The first clause in the Bill of Rights states that “Congress shall make no law respecting an establishment of religion.” For approximately the first 150 years of the country’s existence, there was little debate over the meaning of this clause in the Constitution. As the citizenry became more diverse, however, challenges arose to existing laws and practices, and eventually, the Supreme Court was called upon to determine the meaning of the establishment clause.

Though not explicitly stated in the First Amendment, the clause is often interpreted to mean that the Constitution requires the separation of church and state. Roger Williams, founder of Rhode Island, was the first public official to use this metaphor. He opined that an authentic Christian church would be possible only if there was “a wall or hedge of separation” between the “wilderness of the world” and “the garden of the church.” Williams believed that any government involvement in the church would corrupt the church.

The most famous use of the metaphor was by Thomas Jefferson in his 1802 letter to the Danbury Baptist Association. In it, Jefferson declared that when the American people adopted the establishment clause they built a “wall of separation between the church and state.” Jefferson had earlier witnessed the turmoil of the American colonists as they struggled to combine governance with religious expression. Some colonies experimented with religious freedom while others strongly supported an established church. One of the decisive battlegrounds for disestablishment was Jefferson’s colony of Virginia, where the Anglican Church had long been the established church. Both Jefferson and fellow Virginian James Madison felt that state support for a particular religion or for any religion was improper. They argued that compelling citizens to support through taxation a faith they did not follow violated their natural right to religious liberty. The two were aided in their fight for disestablishment by the Baptists, Presbyterians, Quakers, and other “dissenting” faiths of Anglican Virginia.

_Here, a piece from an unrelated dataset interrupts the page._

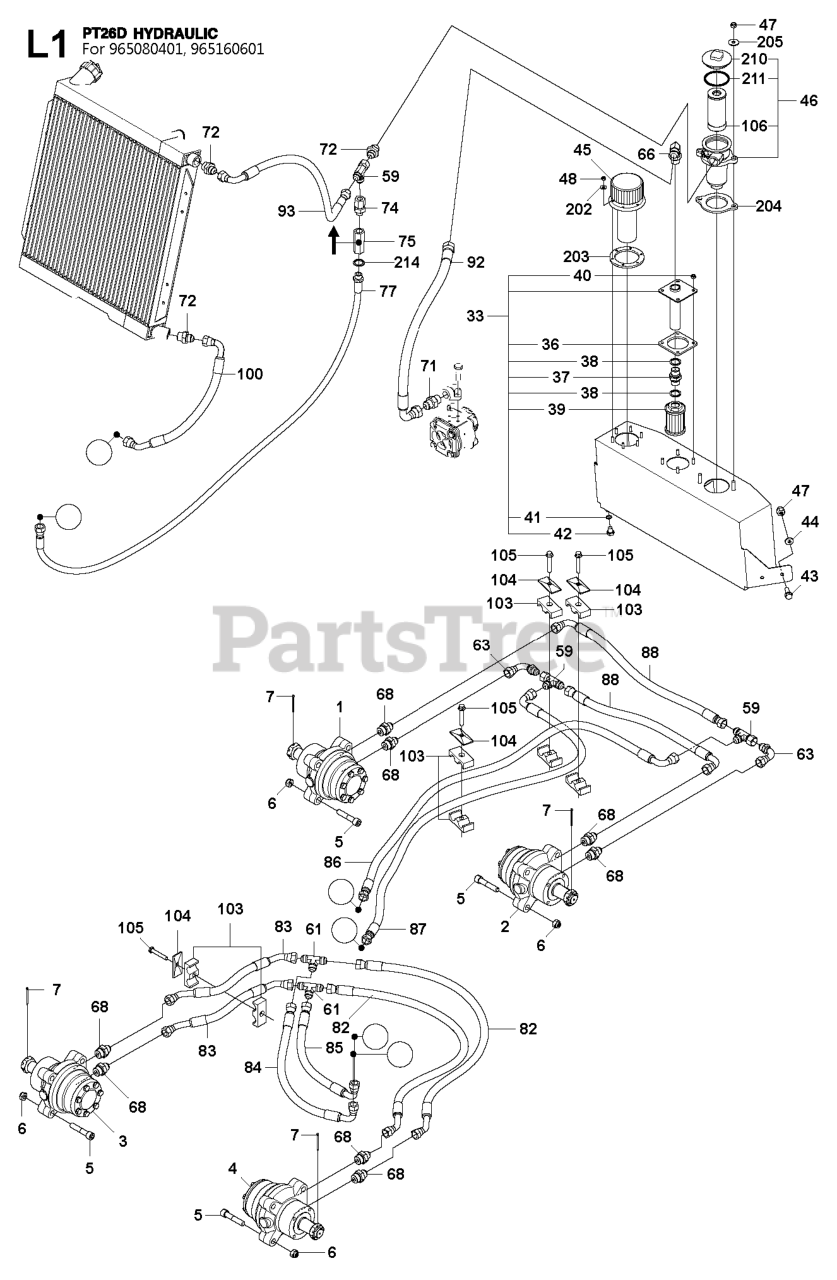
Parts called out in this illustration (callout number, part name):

During the debates surrounding both its writing and its ratification, many religious groups feared that the Constitution offered an insufficient guarantee of the civil and religious rights of citizens. To help win ratification, Madison proposed a bill of rights that would include religious liberty. As presidents, though, both Jefferson and Madison could be accused of mixing religion and government. Madison issued proclamations of religious fasting and thanksgivings while Jefferson signed treaties that sent religious ministers to the Native Americans. And from its inception, the Supreme Court has opened each of its sessions with the cry “God save the United States and this honorable court.”

It was not until after World War II that the Court interpreted the meaning of the establishment clause. In Everson v. Board of Education (1947), the Court held that the establishment clause is one of the liberties protected by the due process clause of the Fourteenth Amendment, making it applicable to state laws and local ordinances. Since then the Court has attempted to discern the precise nature of the separation of church and state.

In 1971 the Court considered the constitutionality of a Pennsylvania statute that provided financial support to nonpublic schools for teacher salaries, textbooks, and instructional materials for secular subjects and a Rhode Island statute that provided direct supplemental salary payments to teachers in nonpublic elementary schools. In Lemon v. Kurtzman (1971), the Court established a three-pronged test for laws dealing with religious establishment. To be constitutional a statute must have “a secular legislative purpose,” it must have principal effects that neither advance nor inhibit religion, and it must not foster “an excessive government entanglement with religion.” Twenty-six years later the Court modified the Lemon test in Agostini v. Felton (1997) by combining the last two elements, leaving a “purpose” prong and a modified “effects” prong.

In County of Allegheny v. American Civil Liberties Union (1989), a group of justices led by Justice Anthony M. Kennedy in his dissent developed a coercion test: the government does not violate the establishment clause unless it provides direct aid to religion in a way that would tend to establish a state church or involve citizens in religion against their will. Justice Sandra Day O’Connor proposed an endorsement test that asks whether a particular government action amounts to an endorsement of religion. In Lynch v. Donnelly (1984), O’Connor noted that the establishment clause prohibits the government from making adherence to a religion relevant to a person’s standing in the political community. Her fundamental concern was whether government action conveyed a message to non-adherents that they are outsiders. The endorsement test is often invoked in religious display cases. In McCreary County v. American Civil Liberties Union (2005), the Court ruled that the display of the Ten Commandments in two Kentucky courtrooms was unconstitutional but refused in the companion case, Van Orden v. Perry (2005), to require the removal of a long-standing monument to the Ten Commandments on the grounds of the Texas State Capitol.

Questions involving appropriate use of government funds are increasingly subject to the neutrality test, which requires the government to treat religious groups the same as it would any other similarly situated group. In a test of Ohio’s school voucher program, the Court held 5-4 in Zelman v. Simmons-Harris (2002) that Ohio’s program is part of the state’s general, neutral undertaking to provide educational opportunities to children and does not violate the establishment clause. In his opinion for the majority, Chief Justice William H. Rehnquist wrote that the “Ohio program is entirely neutral with respect to religion.”

From the colonial era to the present, religions and religious beliefs have played a significant role in the political life of the United States. Religion has been at the core of some of the best and worst movements in the country’s history. As religious diversity continues to grow, concerns about separation of church and state are likely to continue.